The character Pho has a slim body and neck with a large smooth head, bald apart from a curl of hair on top, reminiscent of Paul Livingston's character Flacco. His only companion is a mechanical dog with a penchant for whimsical invention and hatred of the postman, one of the few recurring characters.

Figaro Pho has been the star of his own two-season television series as well as an anthology series of 26 90-second shorts and three touchscreen games.

== Characters ==
=== Main cast ===
- Figaro - A 9-year-old child prodigy who is afraid of mostly everything in the town of Cogsville.
- Rivet - Figaro's sweet and cheerful 4-year-old pet robotic dog that will always protect him if he is in danger.

=== Recurring cast ===
- Juliet - Figaro's 9-year-old next door neighbor and love interest.
- Rudy - A skateboarding 9-year-old boy who lives life to the extreme.
- Prudence - A hyperactive 8-year-old girl who has an obsession with Figaro.
- Ronald - A chubby 9-year-old boy with a runny nose.
- Penny - A sweet 8-year-old girl scout that offers cookies to the denizens of Cogsville.
- Cornelius - Cogsville's local mailman that often gets hurt anytime he delivers to Figaro.
- Dotty - A wrinkly old lady who is occasionally seen doing various jobs all over Cogsville.
- Boris - Figaro's obese gardener that has an incredibly bad odor.
- Uncle Ernesto - Figaro's quirky explorer uncle that has terrible hygiene.
- Leon - Figaro's adult cousin who is an athletic TV star and a master chef.

== Episodes ==
===The Adventures of Figaro Pho ===
subtitled Fun, Fears and Foul Odours
20 episodes were released on ABC DVD in 2013 (Cat. R-113653-9)
1. Fear of Fish
2. Fear of Being Alone
3. Fear of Boredom
4. Fear of Relatives
5. Fear of Rejection
6. Fear of Mosquitoes
7. Fear of Thieves
8. Fear of Foul Odours
9. Fear of Baths
10. Fear of Baldness
11. Fear of Hunger
12. Fear of Clowns
13. Fear of Shrinking
14. Fear of Elevators
15. Fear of Skin
16. Fear of Becoming a Vampire
17. Fear of a Rival
18. Fear of Meteorites
19. Fear of Everything
20. Fear of Being Weak

=== The New Adventures of Figaro Pho ===
1. Figaro on Ice
2. The Bag-Piped Piper
3. Figarette Pho
4. School of Cool
5. Dr Dread
6. Kung Fu Pho
7. Zombie Pho
8. Pho is in the Air
9. Bandage Brouhaha
10. Tiny Terrors
11. Nightmare on Edam Street
12. Flower of Fury
13. Myth or Pho?
14. Vertigo Pho
15. Spider Pho
16. Loose Tooth
17. Time Traveller
18. Mailman Mania
19. FrankenRivet
20. Gumball Boogie
21. Pizza Boy
22. Neat Freak
23. Eye Witless
24. Laugh Attack
25. The Soup
26. Baby Bandit
27. Run Figaro Run!
28. Party Pooper
29. Waltergeist
30. Stage Fright
31. Valentine's Day
32. Fame Game
33. The Grim Reaper
34. Double Pho
35. Pharaoh Pho
36. Cup Cake Carnage
37. Figaro's Big Adventure
38. Odd Socks
39. Camp Fear
== 2009 version ==
Figaro Pho is an Australian animated television series produced by Vishus Productions about a boy called Figaro Pho dealing with and overcoming his many phobias. With each phobia/episode starting with a different letter of the alphabet from A to Z, there are 26 short episodes.
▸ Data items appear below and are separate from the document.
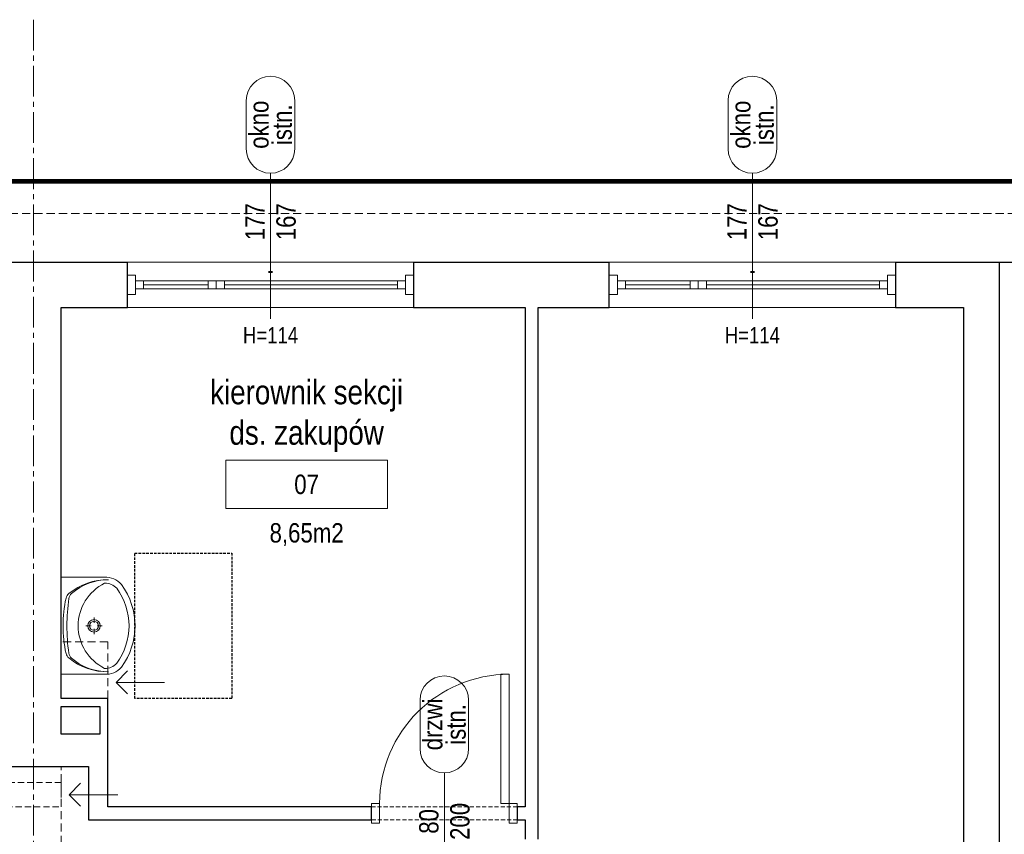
# Model space of a CAD drawing. Header units: millimetres. Extents: x -53179 to 121817, y -123620 to 254214.
# Tile 11 of 256: x 11814 to 17902, y -90620 to -85580. Entities that reach past the tile are written whole.
import ezdxf
from ezdxf.enums import TextEntityAlignment as Align

# ---------------------------------------------------------------- set-up
doc = ezdxf.new("R2010")
doc.units = ezdxf.units.MM
for name, pattern in [('xref_ACAD-LSN_dyspozytornia_PW_rzuty_12$0$CENTER2', [28.575, 19.05, -3.175, 3.175, -3.175]), ('xref_ACAD-LSN_dyspozytornia_PW_rzuty_12$0$DASHED', [19.05, 12.7, -6.35]), ('xref_ACAD-LSN_dyspozytornia_PW_rzuty_12$0$HIDDEN2', [4.7625, 3.175, -1.5875])]:
    doc.linetypes.add(name, pattern=pattern)
for name, color, linetype, lineweight in [('xref', 8, 'Continuous', 13), ('xref_ACAD-LSN_dyspozytornia_PW_rzuty_12$0$A drzwi płytowe', 8, 'Continuous', 9), ('xref_ACAD-LSN_dyspozytornia_PW_rzuty_12$0$A opis pom', 8, 'Continuous', 9), ('xref_ACAD-LSN_dyspozytornia_PW_rzuty_12$0$A opis pom pow', 8, 'Continuous', 9), ('xref_ACAD-LSN_dyspozytornia_PW_rzuty_12$0$A opis stolarka', 8, 'Continuous', 9), ('xref_ACAD-LSN_dyspozytornia_PW_rzuty_12$0$A opis stolarka NWD typ', 8, 'Continuous', 9), ('xref_ACAD-LSN_dyspozytornia_PW_rzuty_12$0$A opis stolarka NWD wyposażenie', 8, 'Continuous', 9), ('xref_ACAD-LSN_dyspozytornia_PW_rzuty_12$0$A opis technologia', 8, 'Continuous', 13), ('xref_ACAD-LSN_dyspozytornia_PW_rzuty_12$0$A widok wyżej', 8, 'xref_ACAD-LSN_dyspozytornia_PW_rzuty_12$0$DASHED', 9), ('xref_ACAD-LSN_dyspozytornia_PW_rzuty_12$0$A wyposazenie sanitarne', 8, 'Continuous', 9), ('xref_ACAD-LSN_dyspozytornia_PW_rzuty_12$0$A zakres', 8, 'Continuous', 13), ('xref_ACAD-LSN_dyspozytornia_PW_rzuty_12$0$A-Glaz', 8, 'Continuous', 9), ('xref_ACAD-LSN_dyspozytornia_PW_rzuty_12$0$A-Wall', 8, 'Continuous', 25), ('xref_ACAD-LSN_dyspozytornia_PW_rzuty_12$0$IS kanaly wentylacyjne', 8, 'xref_ACAD-LSN_dyspozytornia_PW_rzuty_12$0$DASHED', 9), ('xref_ACAD-LSN_dyspozytornia_PW_rzuty_12$0$IS wentylacja kratki istniejace', 8, 'Continuous', 9), ('xref_ACAD-LSN_dyspozytornia_PW_rzuty_12$0$S-Grid-Iden', 8, 'xref_ACAD-LSN_dyspozytornia_PW_rzuty_12$0$CENTER2', 9)]:
    doc.layers.add(name, color=color, linetype=linetype, lineweight=lineweight)
doc.layers.add('xref_ACAD-LSN_dyspozytornia_PW_rzuty_12$0$A opis ppoż drzwi', color=8, linetype='Continuous', lineweight=13, transparency=0.25)
doc.layers.add('xref_ACAD-LSN_dyspozytornia_PW_rzuty_12$0$A opis ppoż okna', color=8, linetype='Continuous', lineweight=13, transparency=0.25)
doc.styles.add('xref_ACAD-LSN_dyspozytornia_PW_rzuty_12$0$STYL ASA', font='ARIALN.TTF')

# ---------------------------------------------------------------- blocks, each defined once
blk = doc.blocks.new('xref_ACAD-LSN_dyspozytornia_PW_rzuty_12$0$umywalka 60x45')
at = {"color": 0, "lineweight": -2, "ltscale": 0.15}
for p, q in [((-30, 0), (30, 0)), ((-30, 0), (-30, -26.7)), ((9.45, 0), (-9.45, 0)), ((30, 0), (30, -26.7)), ((-0.01, -15.32), (-0.01, -18.52)), ((-1.86, -20.37), (-5.07, -20.37)), ((-0.01, -22.22), (-0.01, -25.42)), ((5.04, -20.37), (1.84, -20.37))]:
    blk.add_line(p, q, dxfattribs=at)
at = {"ltscale": 0.15}
blk.add_lwpolyline([(-26.31, -26.95, 0.236063), (-23.21, -34.38, 0.329715), (23.21, -34.38, 0.236063), (26.31, -26.95, 0.623035)], format="xyb", close=True, dxfattribs=at)
blk.add_lwpolyline([(-30, -26.7, 0.239105), (-25.52, -37.28, 0.331406), (25.52, -37.28, 0.239105), (30, -26.7)], format="xyb", dxfattribs=at)
at = {"color": 0, "lineweight": -2, "ltscale": 0.15}
for radius in [3.89, 2.78]:
    blk.add_circle((-0.01, -20.37), radius, dxfattribs=at)
for centre, radius, start, end in [((9.28, -28.68), 37.74, 140.66478, 180.90725), ((-16.21, -9.73), 5, 97.83045, 138.52449), ((-16.04, -7.93), 5, 102.69402, 140.66478), ((-0.64, -76.32), 75.1, 89.48972, 102.69402), ((0.57, -131.79), 128.2, 90.24498, 97.83045), ((0.57, -76.32), 75.1, 77.22851, 90.43281), ((-0.72, -131.79), 128.2, 82.09208, 89.67755), ((16.23, -9.76), 5, 41.39803, 82.09208), ((16.06, -7.95), 5, 39.25775, 77.22851), ((-9.28, -28.67), 37.74, 359.01528, 39.25775), ((5.44, -28.88), 33.9, 138.52449, 180.67671), ((-5.45, -28.87), 33.9, 359.24582, 41.39804)]:
    blk.add_arc(centre, radius, start, end, dxfattribs=at)
at = {"layer": 'Defpoints', "linetype": 'xref_ACAD-LSN_dyspozytornia_PW_rzuty_12$0$HIDDEN2', "ltscale": 0.5}
blk.add_lwpolyline([(-45, -45.56), (45, -45.56), (45, -105.56), (-45, -105.56)], close=True, dxfattribs=at)
blk = doc.blocks.new('xref_ACAD-LSN_dyspozytornia_PW_rzuty_12$0$blok do okna')
for points in [[(28.5, 2.5), (33.5, 2.5), (33.5, -2.5), (28.5, -2.5)], [(33.5, 2.5), (38.5, 2.5), (38.5, -2.5), (33.5, -2.5)]]:
    blk.add_lwpolyline(points, close=True)
for points in [[(-78.5, 0), (28.5, 0)], [(38.5, 0), (78.5, 0)]]:
    blk.add_lwpolyline(points)
blk = doc.blocks.new('xref_ACAD-LSN_dyspozytornia_PW_rzuty_12$0$wtag_UP')
at = {"transparency": 33554687, "elevation": 0}
for points in [[(0, 30), (0, -30)], [(0, -30), (0, -60)]]:
    blk.add_lwpolyline(points, dxfattribs=at)
at = {"layer": 'xref_ACAD-LSN_dyspozytornia_PW_rzuty_12$0$A opis stolarka NWD typ', "transparency": 33554687, "elevation": 0}
blk.add_lwpolyline([(15, 75, 1), (-15, 75), (-15, 45, 1), (15, 45)], format="xyb", close=True, dxfattribs=at)
at = {"ltscale": 0.1, "transparency": 33554687, "style": 'xref_ACAD-LSN_dyspozytornia_PW_rzuty_12$0$STYL ASA'}
blk.add_attdef('WINDOWS:SZEROKOŚĆ', text='', height=12, rotation=90, dxfattribs=at).set_placement((0, 0), align=Align.BOTTOM_CENTER)
blk.add_attdef('WINDOWS:WYSOKOŚĆ', text='', height=12, rotation=90, dxfattribs=at).set_placement((3.6, 0), align=Align.TOP_CENTER)
blk.add_attdef('WINDOWS:PARAPET', text='', height=10, dxfattribs=at).set_placement((0, -70.22, 0), align=Align.MIDDLE_CENTER)
at = {"layer": 'xref_ACAD-LSN_dyspozytornia_PW_rzuty_12$0$A opis ppoż okna', "ltscale": 0.1, "transparency": 33554687, "style": 'xref_ACAD-LSN_dyspozytornia_PW_rzuty_12$0$STYL ASA'}
blk.add_attdef('WINDOWS:PPOŻ', text='', height=10, dxfattribs=at).set_placement((0, -30, 0), align=Align.MIDDLE_CENTER)
at = {"layer": 'xref_ACAD-LSN_dyspozytornia_PW_rzuty_12$0$A opis stolarka NWD typ', "ltscale": 0.1, "transparency": 33554687, "style": 'xref_ACAD-LSN_dyspozytornia_PW_rzuty_12$0$STYL ASA'}
blk.add_attdef('WINDOWS:PODTYP', text='', height=12, rotation=90, dxfattribs=at).set_placement((1.2, 60), align=Align.TOP_CENTER)
blk.add_attdef('WINDOWS:TYP', text='', height=12, rotation=90, dxfattribs=at).set_placement((2.4, 60), align=Align.BOTTOM_CENTER)
blk = doc.blocks.new('xref_ACAD-LSN_dyspozytornia_PW_rzuty_12$0$środek')
blk.add_line((0, 0), (0, -10))
blk = doc.blocks.new('xref_ACAD-LSN_dyspozytornia_PW_rzuty_12$0$ddtag_UP')
at = {"transparency": 33554687}
blk.add_lwpolyline([(0, 30), (0, -30)], dxfattribs=at)
at = {"layer": 'xref_ACAD-LSN_dyspozytornia_PW_rzuty_12$0$A opis stolarka NWD typ', "transparency": 33554687}
blk.add_lwpolyline([(-15, 75, -1), (15, 75), (15, 45, -1), (-15, 45)], format="xyb", close=True, dxfattribs=at)
at = {"ltscale": 0.1, "transparency": 33554687, "style": 'xref_ACAD-LSN_dyspozytornia_PW_rzuty_12$0$STYL ASA'}
blk.add_attdef('DOORS:SZEROKOŚĆ', text='', height=12, rotation=90, dxfattribs=at).set_placement((0, 0, 0), align=Align.BOTTOM_CENTER)
blk.add_attdef('DOORS:WYSOKOŚĆ', text='', height=12, rotation=90, dxfattribs=at).set_placement((3.6, 0, 0), align=Align.TOP_CENTER)
blk.add_attdef('DOORS:AKUSTYKA', text='', height=10, dxfattribs=at).set_placement((0, -49), align=Align.MIDDLE_CENTER)
at = {"layer": 'xref_ACAD-LSN_dyspozytornia_PW_rzuty_12$0$A opis ppoż drzwi', "ltscale": 0.1, "transparency": 33554687, "style": 'xref_ACAD-LSN_dyspozytornia_PW_rzuty_12$0$STYL ASA'}
blk.add_attdef('DOORS:PPOŻ', text='', height=10, dxfattribs=at).set_placement((0, -36), align=Align.MIDDLE_CENTER)
at = {"layer": 'xref_ACAD-LSN_dyspozytornia_PW_rzuty_12$0$A opis stolarka NWD typ', "ltscale": 0.1, "transparency": 33554687, "style": 'xref_ACAD-LSN_dyspozytornia_PW_rzuty_12$0$STYL ASA'}
blk.add_attdef('DOORS:PODTYP', text='', height=12, rotation=90, dxfattribs=at).set_placement((1.2, 60, 0), align=Align.TOP_CENTER)
blk.add_attdef('DOORS:TYP', text='', height=12, rotation=90, dxfattribs=at).set_placement((2.4, 60, 0), align=Align.BOTTOM_CENTER)
at = {"layer": 'xref_ACAD-LSN_dyspozytornia_PW_rzuty_12$0$A opis stolarka NWD wyposażenie', "ltscale": 0.1, "transparency": 33554687, "style": 'xref_ACAD-LSN_dyspozytornia_PW_rzuty_12$0$STYL ASA'}
blk.add_attdef('DOORS:WYPOSAŻENIE', text='', height=10, dxfattribs=at).set_placement((0, -22), align=Align.MIDDLE_CENTER)
blk = doc.blocks.new('xref_ACAD-LSN_dyspozytornia_PW_rzuty_12$0$tag wn')
blk.add_lwpolyline([(-25, -7.5), (25, -7.5), (25, 7.5), (-25, 7.5)], close=True)
at = {"style": 'xref_ACAD-LSN_dyspozytornia_PW_rzuty_12$0$STYL ASA'}
blk.add_attdef('ROOM:NO', text='', height=6, dxfattribs=at).set_placement((0, 0), align=Align.MIDDLE_CENTER)
at = {"layer": 'xref_ACAD-LSN_dyspozytornia_PW_rzuty_12$0$A opis pom pow', "style": 'xref_ACAD-LSN_dyspozytornia_PW_rzuty_12$0$STYL ASA'}
blk.add_attdef('ROOM:AREA', text='', height=6, dxfattribs=at).set_placement((0, -15), align=Align.MIDDLE_CENTER)
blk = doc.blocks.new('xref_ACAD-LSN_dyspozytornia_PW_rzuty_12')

== The New Adventures of Figaro Pho ==

The New Adventures of Figaro Pho is the 2015 sequel to the 2012 series The Adventures of Figaro Pho.

==Broadcast==
The first series is available in over 100 countries on Hulu, Netflix, Cartoon Network Latin America, Pakapaka, BBC Canada and iTunes. In Canada, it airs on both Family Channel and CHRGD.

==Creation==
Figaro Pho is the brainchild of creator and animation director Luke Jurevicius. The TV series and the games are produced by Australian production company Chocolate Liberation Front.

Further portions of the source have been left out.